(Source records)
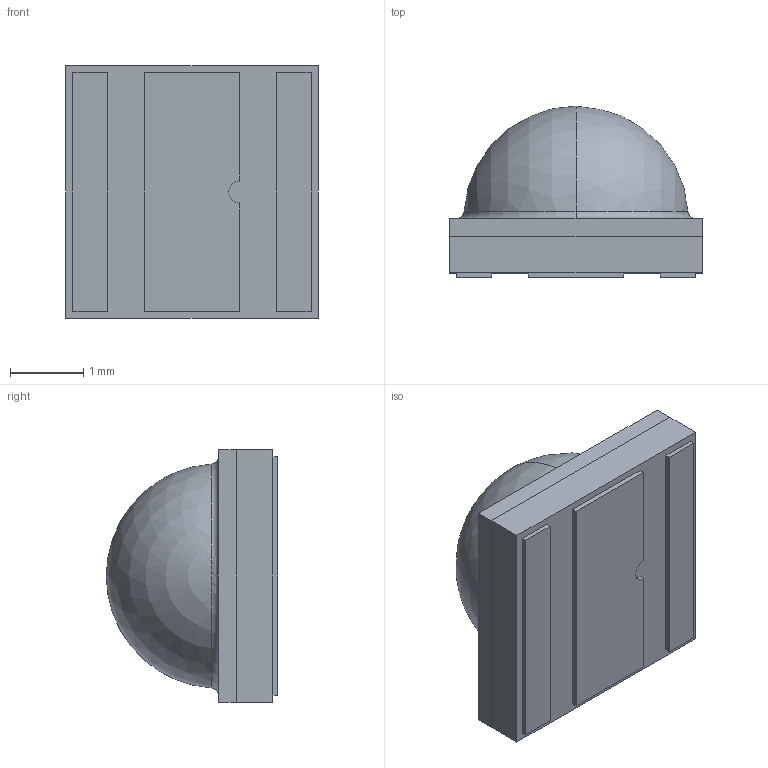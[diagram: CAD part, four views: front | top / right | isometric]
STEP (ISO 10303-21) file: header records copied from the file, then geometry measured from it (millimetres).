
FILE_DESCRIPTION (( 'STEP AP203' ), '1' );
FILE_NAME ('XE 730nm & XF 660nm & XG 660nm眵昜桽隴.STEP', '2024-01-18T06:58:24', ( '' ), ( '' ), 'SwSTEP 2.0', 'SolidWorks 2016', '' );
FILE_SCHEMA (( 'CONFIG_CONTROL_DESIGN' ));
Length unit declared in the file: millimetre
Products named in the file (1): XE 730nm & XF 660nm & XG 660nm眵昜桽隴
Bounding box: 3.45 x 2.34 x 3.45 mm (x, y, z)
Volume: 16.9 mm3; surface area: 66.4 mm2
Topology: 2 solids, 2 shells, 33 faces, 74 edges, 49 vertices
Faces by surface type: plane 28, torus 2, sphere 2, cylinder 1
Entity records: 985 total; most frequent: CARTESIAN_POINT 157, DIRECTION 152, ORIENTED_EDGE 148, EDGE_CURVE 74, VECTOR 64, LINE 64, VERTEX_POINT 49, AXIS2_PLACEMENT_3D 44
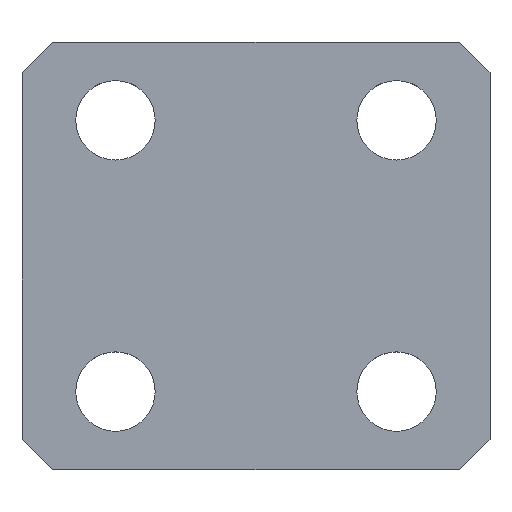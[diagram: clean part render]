
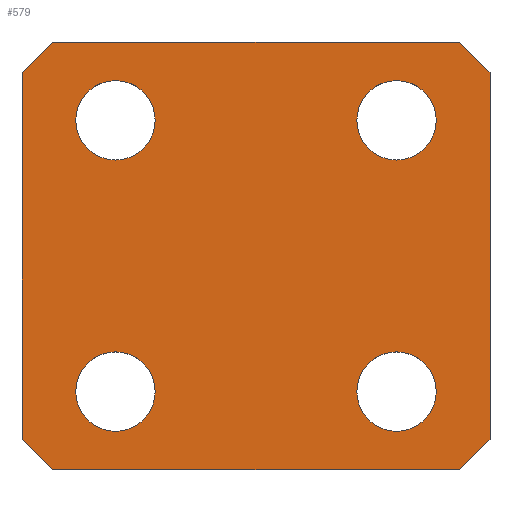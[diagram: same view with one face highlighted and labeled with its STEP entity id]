
A CAD part, top view. The second image highlights one B-rep face of the part: STEP entity #579.
In plain terms, the highlighted planar face has unit normal (0, 0, 1).
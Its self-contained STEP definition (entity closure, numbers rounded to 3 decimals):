
#57=CARTESIAN_POINT('Axis2P3D Location',(11.5,11.1,3.5)) ;
#61=CARTESIAN_POINT('Vertex',(14.75,11.1,3.5)) ;
#63=CARTESIAN_POINT('Vertex',(8.25,11.1,3.5)) ;
#92=CARTESIAN_POINT('Axis2P3D Location',(11.5,11.1,3.5)) ;
#114=CARTESIAN_POINT('Axis2P3D Location',(-11.5,-11.1,3.5)) ;
#118=CARTESIAN_POINT('Vertex',(-8.25,-11.1,3.5)) ;
#120=CARTESIAN_POINT('Vertex',(-14.75,-11.1,3.5)) ;
#149=CARTESIAN_POINT('Axis2P3D Location',(-11.5,-11.1,3.5)) ;
#171=CARTESIAN_POINT('Axis2P3D Location',(11.5,-11.1,3.5)) ;
#175=CARTESIAN_POINT('Vertex',(14.75,-11.1,3.5)) ;
#177=CARTESIAN_POINT('Vertex',(8.25,-11.1,3.5)) ;
#206=CARTESIAN_POINT('Axis2P3D Location',(11.5,-11.1,3.5)) ;
#228=CARTESIAN_POINT('Axis2P3D Location',(-11.5,11.1,3.5)) ;
#232=CARTESIAN_POINT('Vertex',(-8.25,11.1,3.5)) ;
#234=CARTESIAN_POINT('Vertex',(-14.75,11.1,3.5)) ;
#263=CARTESIAN_POINT('Axis2P3D Location',(-11.5,11.1,3.5)) ;
#285=CARTESIAN_POINT('Line Origine',(-17.9,16.25,3.5)) ;
#289=CARTESIAN_POINT('Vertex',(-19.15,15.,3.5)) ;
#291=CARTESIAN_POINT('Vertex',(-16.65,17.5,3.5)) ;
#325=CARTESIAN_POINT('Line Origine',(-19.15,0.,3.5)) ;
#329=CARTESIAN_POINT('Vertex',(-19.15,-15.,3.5)) ;
#356=CARTESIAN_POINT('Line Origine',(-17.9,-16.25,3.5)) ;
#360=CARTESIAN_POINT('Vertex',(-16.65,-17.5,3.5)) ;
#393=CARTESIAN_POINT('Vertex',(16.65,-17.5,3.5)) ;
#396=CARTESIAN_POINT('Line Origine',(0.,-17.5,3.5)) ;
#418=CARTESIAN_POINT('Line Origine',(17.9,-16.25,3.5)) ;
#422=CARTESIAN_POINT('Vertex',(19.15,-15.,3.5)) ;
#455=CARTESIAN_POINT('Vertex',(16.65,17.5,3.5)) ;
#463=CARTESIAN_POINT('Line Origine',(0.,17.5,3.5)) ;
#480=CARTESIAN_POINT('Line Origine',(19.15,0.,3.5)) ;
#484=CARTESIAN_POINT('Vertex',(19.15,15.,3.5)) ;
#543=CARTESIAN_POINT('Axis2P3D Location',(0.,0.,3.5)) ;
#548=CARTESIAN_POINT('Line Origine',(17.9,16.25,3.5)) ;
#58=DIRECTION('Axis2P3D Direction',(0.,0.,-1.)) ;
#93=DIRECTION('Axis2P3D Direction',(0.,0.,-1.)) ;
#115=DIRECTION('Axis2P3D Direction',(0.,0.,-1.)) ;
#150=DIRECTION('Axis2P3D Direction',(0.,0.,-1.)) ;
#172=DIRECTION('Axis2P3D Direction',(0.,0.,-1.)) ;
#207=DIRECTION('Axis2P3D Direction',(0.,0.,-1.)) ;
#229=DIRECTION('Axis2P3D Direction',(0.,0.,-1.)) ;
#264=DIRECTION('Axis2P3D Direction',(0.,0.,-1.)) ;
#286=DIRECTION('Vector Direction',(0.707,0.707,0.)) ;
#326=DIRECTION('Vector Direction',(0.,-1.,0.)) ;
#357=DIRECTION('Vector Direction',(0.707,-0.707,0.)) ;
#397=DIRECTION('Vector Direction',(-1.,0.,0.)) ;
#419=DIRECTION('Vector Direction',(-0.707,-0.707,0.)) ;
#464=DIRECTION('Vector Direction',(1.,0.,0.)) ;
#481=DIRECTION('Vector Direction',(0.,1.,0.)) ;
#544=DIRECTION('Axis2P3D Direction',(0.,0.,1.)) ;
#545=DIRECTION('Axis2P3D XDirection',(1.,0.,0.)) ;
#549=DIRECTION('Vector Direction',(0.707,-0.707,0.)) ;
#59=AXIS2_PLACEMENT_3D('Circle Axis2P3D',#57,#58,$) ;
#94=AXIS2_PLACEMENT_3D('Circle Axis2P3D',#92,#93,$) ;
#116=AXIS2_PLACEMENT_3D('Circle Axis2P3D',#114,#115,$) ;
#151=AXIS2_PLACEMENT_3D('Circle Axis2P3D',#149,#150,$) ;
#173=AXIS2_PLACEMENT_3D('Circle Axis2P3D',#171,#172,$) ;
#208=AXIS2_PLACEMENT_3D('Circle Axis2P3D',#206,#207,$) ;
#230=AXIS2_PLACEMENT_3D('Circle Axis2P3D',#228,#229,$) ;
#265=AXIS2_PLACEMENT_3D('Circle Axis2P3D',#263,#264,$) ;
#546=AXIS2_PLACEMENT_3D('Plane Axis2P3D',#543,#544,#545) ;
#554=ORIENTED_EDGE('',*,*,#467,.T.) ;
#555=ORIENTED_EDGE('',*,*,#293,.F.) ;
#556=ORIENTED_EDGE('',*,*,#331,.T.) ;
#557=ORIENTED_EDGE('',*,*,#362,.F.) ;
#558=ORIENTED_EDGE('',*,*,#400,.T.) ;
#559=ORIENTED_EDGE('',*,*,#424,.F.) ;
#560=ORIENTED_EDGE('',*,*,#486,.T.) ;
#561=ORIENTED_EDGE('',*,*,#552,.F.) ;
#564=ORIENTED_EDGE('',*,*,#96,.F.) ;
#565=ORIENTED_EDGE('',*,*,#65,.F.) ;
#568=ORIENTED_EDGE('',*,*,#267,.F.) ;
#569=ORIENTED_EDGE('',*,*,#236,.F.) ;
#572=ORIENTED_EDGE('',*,*,#210,.F.) ;
#573=ORIENTED_EDGE('',*,*,#179,.F.) ;
#576=ORIENTED_EDGE('',*,*,#153,.F.) ;
#577=ORIENTED_EDGE('',*,*,#122,.F.) ;
#566=FACE_BOUND('',#563,.T.) ;
#570=FACE_BOUND('',#567,.T.) ;
#574=FACE_BOUND('',#571,.T.) ;
#578=FACE_BOUND('',#575,.T.) ;
#287=VECTOR('Line Direction',#286,1.) ;
#327=VECTOR('Line Direction',#326,1.) ;
#358=VECTOR('Line Direction',#357,1.) ;
#398=VECTOR('Line Direction',#397,1.) ;
#420=VECTOR('Line Direction',#419,1.) ;
#465=VECTOR('Line Direction',#464,1.) ;
#482=VECTOR('Line Direction',#481,1.) ;
#550=VECTOR('Line Direction',#549,1.) ;
#579=ADVANCED_FACE('\X2\96F64EF651E04F554F53\X0\',(#562,#566,#570,#574,#578),#547,.T.) ;
#60=CIRCLE('generated circle',#59,3.25) ;
#95=CIRCLE('generated circle',#94,3.25) ;
#117=CIRCLE('generated circle',#116,3.25) ;
#152=CIRCLE('generated circle',#151,3.25) ;
#174=CIRCLE('generated circle',#173,3.25) ;
#209=CIRCLE('generated circle',#208,3.25) ;
#231=CIRCLE('generated circle',#230,3.25) ;
#266=CIRCLE('generated circle',#265,3.25) ;
#65=EDGE_CURVE('',#62,#64,#60,.F.) ;
#96=EDGE_CURVE('',#64,#62,#95,.F.) ;
#122=EDGE_CURVE('',#119,#121,#117,.F.) ;
#153=EDGE_CURVE('',#121,#119,#152,.F.) ;
#179=EDGE_CURVE('',#176,#178,#174,.F.) ;
#210=EDGE_CURVE('',#178,#176,#209,.F.) ;
#236=EDGE_CURVE('',#233,#235,#231,.F.) ;
#267=EDGE_CURVE('',#235,#233,#266,.F.) ;
#293=EDGE_CURVE('',#290,#292,#288,.T.) ;
#331=EDGE_CURVE('',#290,#330,#328,.T.) ;
#362=EDGE_CURVE('',#361,#330,#359,.F.) ;
#400=EDGE_CURVE('',#361,#394,#399,.F.) ;
#424=EDGE_CURVE('',#423,#394,#421,.T.) ;
#467=EDGE_CURVE('',#456,#292,#466,.F.) ;
#486=EDGE_CURVE('',#423,#485,#483,.T.) ;
#552=EDGE_CURVE('',#456,#485,#551,.T.) ;
#553=EDGE_LOOP('',(#554,#555,#556,#557,#558,#559,#560,#561)) ;
#563=EDGE_LOOP('',(#564,#565)) ;
#567=EDGE_LOOP('',(#568,#569)) ;
#571=EDGE_LOOP('',(#572,#573)) ;
#575=EDGE_LOOP('',(#576,#577)) ;
#562=FACE_OUTER_BOUND('',#553,.T.) ;
#288=LINE('Line',#285,#287) ;
#328=LINE('Line',#325,#327) ;
#359=LINE('Line',#356,#358) ;
#399=LINE('Line',#396,#398) ;
#421=LINE('Line',#418,#420) ;
#466=LINE('Line',#463,#465) ;
#483=LINE('Line',#480,#482) ;
#551=LINE('Line',#548,#550) ;
#547=PLANE('Plane',#546) ;
#62=VERTEX_POINT('',#61) ;
#64=VERTEX_POINT('',#63) ;
#119=VERTEX_POINT('',#118) ;
#121=VERTEX_POINT('',#120) ;
#176=VERTEX_POINT('',#175) ;
#178=VERTEX_POINT('',#177) ;
#233=VERTEX_POINT('',#232) ;
#235=VERTEX_POINT('',#234) ;
#290=VERTEX_POINT('',#289) ;
#292=VERTEX_POINT('',#291) ;
#330=VERTEX_POINT('',#329) ;
#361=VERTEX_POINT('',#360) ;
#394=VERTEX_POINT('',#393) ;
#423=VERTEX_POINT('',#422) ;
#456=VERTEX_POINT('',#455) ;
#485=VERTEX_POINT('',#484) ;

EXERCISE DETAILS:
Leave the pictures out and repeat exactly the lines from the beginning of the records to the line bearing "FILE_NAME ('XE 730nm", both ends counted.

EXERCISE RESPONSE:
[diagram: CAD part, four views: front | top / right | isometric]
STEP (ISO 10303-21) file: header records copied from the file, then geometry measured from it (millimetres).
FILE_DESCRIPTION (( 'STEP AP203' ), '1' );
FILE_NAME ('XE 730nm & XF 660nm & XG 660nm眵昜桽隴.STEP', '2024-01-18T06:58:24', ( '' ), ( '' ), 'SwSTEP 2.0', 'SolidWorks 2016', '' );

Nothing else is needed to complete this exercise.